● **Assigned task**
Report all lines in the records that hold the string "schematic".

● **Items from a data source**
----

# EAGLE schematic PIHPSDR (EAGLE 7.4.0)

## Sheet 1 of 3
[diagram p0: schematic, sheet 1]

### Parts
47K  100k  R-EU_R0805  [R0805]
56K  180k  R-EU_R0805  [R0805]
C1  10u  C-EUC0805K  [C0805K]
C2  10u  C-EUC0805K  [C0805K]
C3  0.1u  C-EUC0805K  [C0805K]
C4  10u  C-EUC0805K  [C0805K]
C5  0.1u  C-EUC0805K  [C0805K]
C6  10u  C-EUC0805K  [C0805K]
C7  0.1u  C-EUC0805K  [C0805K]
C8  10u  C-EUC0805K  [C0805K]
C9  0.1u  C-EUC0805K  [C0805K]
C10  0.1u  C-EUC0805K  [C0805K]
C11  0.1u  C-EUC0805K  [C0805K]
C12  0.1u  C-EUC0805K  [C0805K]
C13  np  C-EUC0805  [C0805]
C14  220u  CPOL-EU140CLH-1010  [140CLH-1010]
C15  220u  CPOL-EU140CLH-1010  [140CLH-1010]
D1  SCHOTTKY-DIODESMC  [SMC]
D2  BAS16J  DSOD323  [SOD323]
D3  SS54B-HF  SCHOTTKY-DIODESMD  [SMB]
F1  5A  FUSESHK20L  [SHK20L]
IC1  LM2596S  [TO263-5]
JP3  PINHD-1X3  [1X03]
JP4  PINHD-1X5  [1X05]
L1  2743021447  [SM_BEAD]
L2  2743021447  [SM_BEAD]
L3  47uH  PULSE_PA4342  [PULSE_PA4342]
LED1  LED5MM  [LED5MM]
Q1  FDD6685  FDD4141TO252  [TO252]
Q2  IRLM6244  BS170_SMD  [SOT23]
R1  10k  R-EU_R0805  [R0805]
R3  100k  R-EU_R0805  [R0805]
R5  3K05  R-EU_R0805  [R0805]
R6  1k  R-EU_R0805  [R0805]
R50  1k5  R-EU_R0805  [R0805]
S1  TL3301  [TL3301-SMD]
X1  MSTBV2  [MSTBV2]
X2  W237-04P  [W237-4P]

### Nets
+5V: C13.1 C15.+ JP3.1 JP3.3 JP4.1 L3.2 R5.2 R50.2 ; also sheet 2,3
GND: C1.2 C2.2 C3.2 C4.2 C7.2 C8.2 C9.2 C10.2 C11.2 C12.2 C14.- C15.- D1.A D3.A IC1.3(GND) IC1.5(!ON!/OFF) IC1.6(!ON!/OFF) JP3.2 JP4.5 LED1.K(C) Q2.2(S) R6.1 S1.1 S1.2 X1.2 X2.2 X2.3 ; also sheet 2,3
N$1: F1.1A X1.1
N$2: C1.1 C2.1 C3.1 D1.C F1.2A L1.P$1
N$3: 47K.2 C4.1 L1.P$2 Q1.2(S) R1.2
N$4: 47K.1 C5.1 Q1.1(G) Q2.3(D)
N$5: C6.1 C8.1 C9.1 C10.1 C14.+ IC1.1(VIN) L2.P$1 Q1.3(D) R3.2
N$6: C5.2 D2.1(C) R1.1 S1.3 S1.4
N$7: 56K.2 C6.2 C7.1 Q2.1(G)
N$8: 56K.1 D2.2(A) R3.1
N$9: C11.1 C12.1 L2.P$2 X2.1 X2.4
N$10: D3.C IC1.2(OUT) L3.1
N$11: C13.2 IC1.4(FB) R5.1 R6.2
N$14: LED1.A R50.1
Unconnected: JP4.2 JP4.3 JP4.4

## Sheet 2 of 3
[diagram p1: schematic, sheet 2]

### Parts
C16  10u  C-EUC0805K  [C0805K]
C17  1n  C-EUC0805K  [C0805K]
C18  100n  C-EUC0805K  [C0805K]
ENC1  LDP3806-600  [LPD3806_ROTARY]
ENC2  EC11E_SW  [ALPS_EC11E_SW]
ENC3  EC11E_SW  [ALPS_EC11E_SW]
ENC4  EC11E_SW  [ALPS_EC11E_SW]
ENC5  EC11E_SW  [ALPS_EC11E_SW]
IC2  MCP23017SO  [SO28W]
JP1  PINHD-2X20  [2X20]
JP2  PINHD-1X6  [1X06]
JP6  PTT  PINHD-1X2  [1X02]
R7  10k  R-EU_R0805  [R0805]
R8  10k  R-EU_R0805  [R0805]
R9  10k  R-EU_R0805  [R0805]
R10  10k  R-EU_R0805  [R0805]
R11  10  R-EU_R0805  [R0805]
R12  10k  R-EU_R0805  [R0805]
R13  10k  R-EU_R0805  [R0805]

----

● **Answer for this exercise**
# EAGLE schematic PIHPSDR (EAGLE 7.4.0)
[diagram p0: schematic, sheet 1]
[diagram p1: schematic, sheet 2]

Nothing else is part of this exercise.